(Input data)
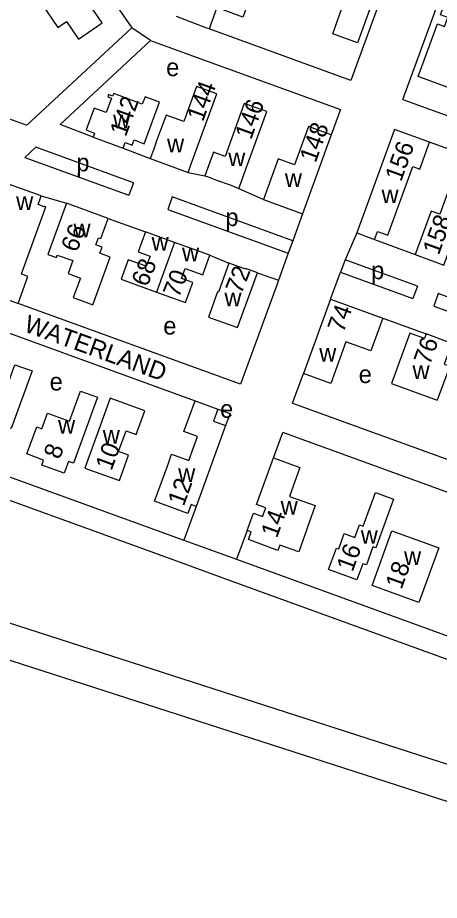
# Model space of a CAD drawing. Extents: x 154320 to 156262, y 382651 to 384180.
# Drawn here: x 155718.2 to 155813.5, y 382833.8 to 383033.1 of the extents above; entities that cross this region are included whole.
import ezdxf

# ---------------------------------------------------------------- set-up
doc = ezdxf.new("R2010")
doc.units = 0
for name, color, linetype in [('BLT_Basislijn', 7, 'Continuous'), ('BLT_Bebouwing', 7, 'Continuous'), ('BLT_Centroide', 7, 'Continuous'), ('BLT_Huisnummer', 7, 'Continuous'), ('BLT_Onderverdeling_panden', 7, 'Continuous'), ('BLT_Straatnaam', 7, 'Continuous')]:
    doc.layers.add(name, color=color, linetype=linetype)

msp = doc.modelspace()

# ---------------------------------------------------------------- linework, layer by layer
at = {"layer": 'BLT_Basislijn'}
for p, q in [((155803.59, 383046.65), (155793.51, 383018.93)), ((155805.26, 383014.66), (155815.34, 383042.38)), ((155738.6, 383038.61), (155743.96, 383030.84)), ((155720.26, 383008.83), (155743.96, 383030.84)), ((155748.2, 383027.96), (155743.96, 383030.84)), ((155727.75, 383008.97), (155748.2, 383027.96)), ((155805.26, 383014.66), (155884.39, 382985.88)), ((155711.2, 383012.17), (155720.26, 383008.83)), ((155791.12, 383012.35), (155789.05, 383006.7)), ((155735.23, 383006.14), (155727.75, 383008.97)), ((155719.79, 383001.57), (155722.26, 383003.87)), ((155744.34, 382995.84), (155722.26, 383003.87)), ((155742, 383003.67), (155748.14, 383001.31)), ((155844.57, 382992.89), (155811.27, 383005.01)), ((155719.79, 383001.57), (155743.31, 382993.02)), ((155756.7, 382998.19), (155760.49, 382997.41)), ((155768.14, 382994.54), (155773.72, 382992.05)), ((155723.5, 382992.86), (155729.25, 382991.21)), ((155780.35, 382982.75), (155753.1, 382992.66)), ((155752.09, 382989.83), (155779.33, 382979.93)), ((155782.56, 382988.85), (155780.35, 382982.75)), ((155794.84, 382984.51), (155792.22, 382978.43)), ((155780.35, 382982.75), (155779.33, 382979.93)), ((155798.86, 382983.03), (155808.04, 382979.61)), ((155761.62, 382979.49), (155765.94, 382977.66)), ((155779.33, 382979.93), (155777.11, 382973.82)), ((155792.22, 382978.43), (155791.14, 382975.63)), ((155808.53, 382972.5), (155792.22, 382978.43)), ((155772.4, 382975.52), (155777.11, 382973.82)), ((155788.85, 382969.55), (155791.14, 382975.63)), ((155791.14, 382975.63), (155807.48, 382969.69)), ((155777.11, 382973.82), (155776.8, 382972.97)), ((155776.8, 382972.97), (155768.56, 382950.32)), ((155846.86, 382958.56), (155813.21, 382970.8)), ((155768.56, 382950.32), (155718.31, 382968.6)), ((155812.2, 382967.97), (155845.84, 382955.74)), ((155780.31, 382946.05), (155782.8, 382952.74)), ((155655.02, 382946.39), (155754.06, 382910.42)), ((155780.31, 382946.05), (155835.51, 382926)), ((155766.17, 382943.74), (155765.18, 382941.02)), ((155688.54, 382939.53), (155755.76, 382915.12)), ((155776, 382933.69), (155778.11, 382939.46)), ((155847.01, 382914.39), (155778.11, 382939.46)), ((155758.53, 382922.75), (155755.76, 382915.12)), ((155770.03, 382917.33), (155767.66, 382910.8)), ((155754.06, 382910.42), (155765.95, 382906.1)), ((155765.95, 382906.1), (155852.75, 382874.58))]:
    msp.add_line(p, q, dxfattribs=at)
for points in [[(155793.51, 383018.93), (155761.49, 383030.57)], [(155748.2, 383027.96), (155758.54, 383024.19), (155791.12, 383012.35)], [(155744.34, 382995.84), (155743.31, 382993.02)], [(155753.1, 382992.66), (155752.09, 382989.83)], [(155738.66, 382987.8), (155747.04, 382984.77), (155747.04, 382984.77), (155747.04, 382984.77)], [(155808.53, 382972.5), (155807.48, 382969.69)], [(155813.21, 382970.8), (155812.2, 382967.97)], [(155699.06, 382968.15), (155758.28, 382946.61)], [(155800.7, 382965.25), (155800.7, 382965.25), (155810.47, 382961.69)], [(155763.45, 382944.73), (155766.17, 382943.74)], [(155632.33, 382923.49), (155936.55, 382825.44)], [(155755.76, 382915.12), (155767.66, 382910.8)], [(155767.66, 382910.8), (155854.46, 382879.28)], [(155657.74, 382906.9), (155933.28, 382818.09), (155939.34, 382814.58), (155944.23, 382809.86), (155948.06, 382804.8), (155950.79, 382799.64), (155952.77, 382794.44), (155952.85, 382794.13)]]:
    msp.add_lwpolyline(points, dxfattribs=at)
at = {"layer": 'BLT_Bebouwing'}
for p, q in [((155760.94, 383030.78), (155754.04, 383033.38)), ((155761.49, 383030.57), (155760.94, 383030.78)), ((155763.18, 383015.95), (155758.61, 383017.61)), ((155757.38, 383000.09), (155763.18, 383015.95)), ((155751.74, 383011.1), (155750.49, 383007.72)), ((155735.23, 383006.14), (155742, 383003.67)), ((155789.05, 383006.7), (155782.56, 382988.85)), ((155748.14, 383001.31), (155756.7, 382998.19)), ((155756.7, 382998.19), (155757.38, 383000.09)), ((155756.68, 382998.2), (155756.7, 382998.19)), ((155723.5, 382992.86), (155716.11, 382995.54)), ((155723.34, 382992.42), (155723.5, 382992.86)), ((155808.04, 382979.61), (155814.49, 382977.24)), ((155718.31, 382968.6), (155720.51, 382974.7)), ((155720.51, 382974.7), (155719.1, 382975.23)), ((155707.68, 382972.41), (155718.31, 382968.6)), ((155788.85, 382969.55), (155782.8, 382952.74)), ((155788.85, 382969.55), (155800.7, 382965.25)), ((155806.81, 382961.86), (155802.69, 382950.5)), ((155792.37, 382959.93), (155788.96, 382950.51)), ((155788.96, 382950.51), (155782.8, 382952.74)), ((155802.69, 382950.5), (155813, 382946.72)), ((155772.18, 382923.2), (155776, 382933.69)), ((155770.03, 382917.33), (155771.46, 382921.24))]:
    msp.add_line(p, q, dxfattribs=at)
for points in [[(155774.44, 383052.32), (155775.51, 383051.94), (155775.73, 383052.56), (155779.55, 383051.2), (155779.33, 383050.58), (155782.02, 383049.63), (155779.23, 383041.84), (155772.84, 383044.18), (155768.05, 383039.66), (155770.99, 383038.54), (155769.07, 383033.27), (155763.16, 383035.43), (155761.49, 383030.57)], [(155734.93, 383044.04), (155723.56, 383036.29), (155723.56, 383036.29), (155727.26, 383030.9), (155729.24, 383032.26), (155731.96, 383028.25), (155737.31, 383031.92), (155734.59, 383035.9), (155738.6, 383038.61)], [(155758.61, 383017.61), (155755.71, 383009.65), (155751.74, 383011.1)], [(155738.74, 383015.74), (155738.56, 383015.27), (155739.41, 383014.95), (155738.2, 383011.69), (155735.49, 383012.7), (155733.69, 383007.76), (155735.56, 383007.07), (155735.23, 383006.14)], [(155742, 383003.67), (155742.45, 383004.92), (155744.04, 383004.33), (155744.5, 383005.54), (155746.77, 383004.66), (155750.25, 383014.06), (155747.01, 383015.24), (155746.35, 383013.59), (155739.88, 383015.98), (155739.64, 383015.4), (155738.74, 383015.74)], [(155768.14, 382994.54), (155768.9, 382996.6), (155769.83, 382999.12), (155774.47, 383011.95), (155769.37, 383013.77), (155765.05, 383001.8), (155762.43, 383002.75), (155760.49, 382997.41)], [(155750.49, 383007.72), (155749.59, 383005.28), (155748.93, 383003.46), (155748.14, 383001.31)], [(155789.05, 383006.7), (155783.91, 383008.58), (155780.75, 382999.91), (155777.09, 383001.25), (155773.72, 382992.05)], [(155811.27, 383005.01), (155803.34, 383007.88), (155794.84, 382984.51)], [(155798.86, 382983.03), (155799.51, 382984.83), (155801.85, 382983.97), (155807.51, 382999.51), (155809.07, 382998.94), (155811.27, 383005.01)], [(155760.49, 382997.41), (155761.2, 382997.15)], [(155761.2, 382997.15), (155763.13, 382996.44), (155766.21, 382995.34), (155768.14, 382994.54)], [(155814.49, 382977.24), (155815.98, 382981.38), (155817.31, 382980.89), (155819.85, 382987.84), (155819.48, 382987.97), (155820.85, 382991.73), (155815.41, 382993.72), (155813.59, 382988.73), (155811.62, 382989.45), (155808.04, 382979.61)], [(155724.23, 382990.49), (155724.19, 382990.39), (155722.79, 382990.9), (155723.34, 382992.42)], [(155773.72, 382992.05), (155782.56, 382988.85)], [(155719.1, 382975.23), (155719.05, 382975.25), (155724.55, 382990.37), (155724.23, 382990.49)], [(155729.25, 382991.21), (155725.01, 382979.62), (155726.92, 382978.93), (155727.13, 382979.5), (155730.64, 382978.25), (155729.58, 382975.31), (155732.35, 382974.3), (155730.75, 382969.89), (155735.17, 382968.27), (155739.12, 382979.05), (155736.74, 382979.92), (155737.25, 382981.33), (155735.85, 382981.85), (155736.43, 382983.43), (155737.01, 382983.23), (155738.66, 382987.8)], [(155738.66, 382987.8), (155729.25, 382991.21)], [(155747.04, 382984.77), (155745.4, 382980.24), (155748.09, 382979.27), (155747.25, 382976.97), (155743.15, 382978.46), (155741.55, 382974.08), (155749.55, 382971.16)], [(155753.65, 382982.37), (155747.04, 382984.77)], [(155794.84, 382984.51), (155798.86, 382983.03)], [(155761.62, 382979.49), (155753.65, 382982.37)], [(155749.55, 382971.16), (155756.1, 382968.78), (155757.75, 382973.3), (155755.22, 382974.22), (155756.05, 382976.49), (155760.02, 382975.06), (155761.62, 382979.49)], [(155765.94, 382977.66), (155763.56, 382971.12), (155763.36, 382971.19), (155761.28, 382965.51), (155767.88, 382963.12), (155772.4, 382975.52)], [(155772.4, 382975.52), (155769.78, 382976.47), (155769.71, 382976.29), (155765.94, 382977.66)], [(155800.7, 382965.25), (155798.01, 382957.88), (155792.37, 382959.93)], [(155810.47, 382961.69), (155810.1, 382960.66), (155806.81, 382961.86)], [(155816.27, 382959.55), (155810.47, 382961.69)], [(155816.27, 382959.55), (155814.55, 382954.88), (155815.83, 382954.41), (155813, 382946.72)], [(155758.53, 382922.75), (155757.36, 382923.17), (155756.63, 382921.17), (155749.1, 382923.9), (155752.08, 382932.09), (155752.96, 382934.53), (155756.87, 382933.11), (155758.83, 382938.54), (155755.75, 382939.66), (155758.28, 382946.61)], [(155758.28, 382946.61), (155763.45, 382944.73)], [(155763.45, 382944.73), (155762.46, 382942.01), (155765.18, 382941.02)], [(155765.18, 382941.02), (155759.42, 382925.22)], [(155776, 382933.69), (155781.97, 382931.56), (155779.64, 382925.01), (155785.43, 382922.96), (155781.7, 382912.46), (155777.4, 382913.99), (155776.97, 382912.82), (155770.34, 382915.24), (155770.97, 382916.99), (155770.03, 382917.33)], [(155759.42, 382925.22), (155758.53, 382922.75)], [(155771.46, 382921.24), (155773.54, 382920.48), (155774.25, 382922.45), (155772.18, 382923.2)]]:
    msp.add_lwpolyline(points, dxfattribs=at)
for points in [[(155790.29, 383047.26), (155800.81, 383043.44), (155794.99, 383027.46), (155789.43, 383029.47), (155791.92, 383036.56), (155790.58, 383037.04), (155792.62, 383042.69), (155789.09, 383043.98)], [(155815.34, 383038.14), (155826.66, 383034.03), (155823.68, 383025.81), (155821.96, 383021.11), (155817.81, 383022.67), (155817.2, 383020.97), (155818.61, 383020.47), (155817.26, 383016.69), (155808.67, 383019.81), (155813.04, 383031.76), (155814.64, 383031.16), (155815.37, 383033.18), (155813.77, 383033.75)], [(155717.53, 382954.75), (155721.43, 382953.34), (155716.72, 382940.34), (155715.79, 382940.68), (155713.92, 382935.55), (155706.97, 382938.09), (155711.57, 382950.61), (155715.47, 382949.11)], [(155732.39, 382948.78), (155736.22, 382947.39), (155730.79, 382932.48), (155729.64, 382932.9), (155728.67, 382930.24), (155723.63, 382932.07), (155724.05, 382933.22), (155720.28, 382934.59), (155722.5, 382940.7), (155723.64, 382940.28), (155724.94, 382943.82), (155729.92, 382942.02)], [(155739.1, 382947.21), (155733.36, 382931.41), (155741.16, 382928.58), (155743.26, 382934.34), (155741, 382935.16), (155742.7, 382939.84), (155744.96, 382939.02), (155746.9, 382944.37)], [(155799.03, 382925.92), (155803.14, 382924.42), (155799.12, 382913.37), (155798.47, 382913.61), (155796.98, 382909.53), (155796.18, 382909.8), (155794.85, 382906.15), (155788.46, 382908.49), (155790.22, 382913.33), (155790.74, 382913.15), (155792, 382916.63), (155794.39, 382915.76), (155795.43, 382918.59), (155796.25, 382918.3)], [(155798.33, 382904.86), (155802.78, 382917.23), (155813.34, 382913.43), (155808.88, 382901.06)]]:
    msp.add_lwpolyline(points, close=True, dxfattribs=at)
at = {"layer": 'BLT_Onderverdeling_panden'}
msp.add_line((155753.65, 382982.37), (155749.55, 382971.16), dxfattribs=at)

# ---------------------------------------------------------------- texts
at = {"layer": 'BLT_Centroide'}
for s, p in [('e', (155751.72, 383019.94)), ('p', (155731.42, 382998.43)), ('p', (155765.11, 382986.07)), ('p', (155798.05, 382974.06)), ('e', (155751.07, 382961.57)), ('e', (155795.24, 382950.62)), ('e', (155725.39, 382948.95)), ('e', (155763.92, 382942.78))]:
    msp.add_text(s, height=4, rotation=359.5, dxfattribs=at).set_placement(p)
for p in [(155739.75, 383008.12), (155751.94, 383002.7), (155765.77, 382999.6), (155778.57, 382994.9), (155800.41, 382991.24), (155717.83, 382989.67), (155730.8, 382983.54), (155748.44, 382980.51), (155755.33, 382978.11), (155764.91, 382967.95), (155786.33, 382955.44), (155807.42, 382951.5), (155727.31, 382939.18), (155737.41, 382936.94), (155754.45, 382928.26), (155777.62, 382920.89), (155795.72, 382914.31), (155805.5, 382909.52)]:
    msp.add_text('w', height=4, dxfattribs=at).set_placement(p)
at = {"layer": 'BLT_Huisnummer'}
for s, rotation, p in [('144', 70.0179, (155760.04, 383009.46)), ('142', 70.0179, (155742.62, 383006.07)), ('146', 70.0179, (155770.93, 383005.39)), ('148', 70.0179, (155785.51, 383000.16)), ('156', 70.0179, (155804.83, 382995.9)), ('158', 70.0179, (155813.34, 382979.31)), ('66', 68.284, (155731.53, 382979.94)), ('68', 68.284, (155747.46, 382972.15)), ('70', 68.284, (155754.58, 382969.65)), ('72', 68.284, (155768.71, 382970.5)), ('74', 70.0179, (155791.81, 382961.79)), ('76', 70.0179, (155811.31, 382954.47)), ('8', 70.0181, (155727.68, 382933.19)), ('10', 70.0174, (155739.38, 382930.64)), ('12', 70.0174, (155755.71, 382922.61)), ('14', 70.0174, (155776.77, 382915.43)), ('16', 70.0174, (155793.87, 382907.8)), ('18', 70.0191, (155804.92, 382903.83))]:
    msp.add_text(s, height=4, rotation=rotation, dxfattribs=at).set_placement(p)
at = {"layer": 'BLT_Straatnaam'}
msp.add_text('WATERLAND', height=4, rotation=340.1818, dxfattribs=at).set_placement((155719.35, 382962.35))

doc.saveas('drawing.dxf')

(Exercise) Nothing should appear in the answer except the lines from the first line of the data through the line holding "doc.units = 0", exactly as written, with pictures left out.

(Final answer)
# Model space of a CAD drawing. Extents: x 154320 to 156262, y 382651 to 384180.
# Drawn here: x 155718.2 to 155813.5, y 382833.8 to 383033.1 of the extents above; entities that cross this region are included whole.
import ezdxf

# ---------------------------------------------------------------- set-up
doc = ezdxf.new("R2010")
doc.units = 0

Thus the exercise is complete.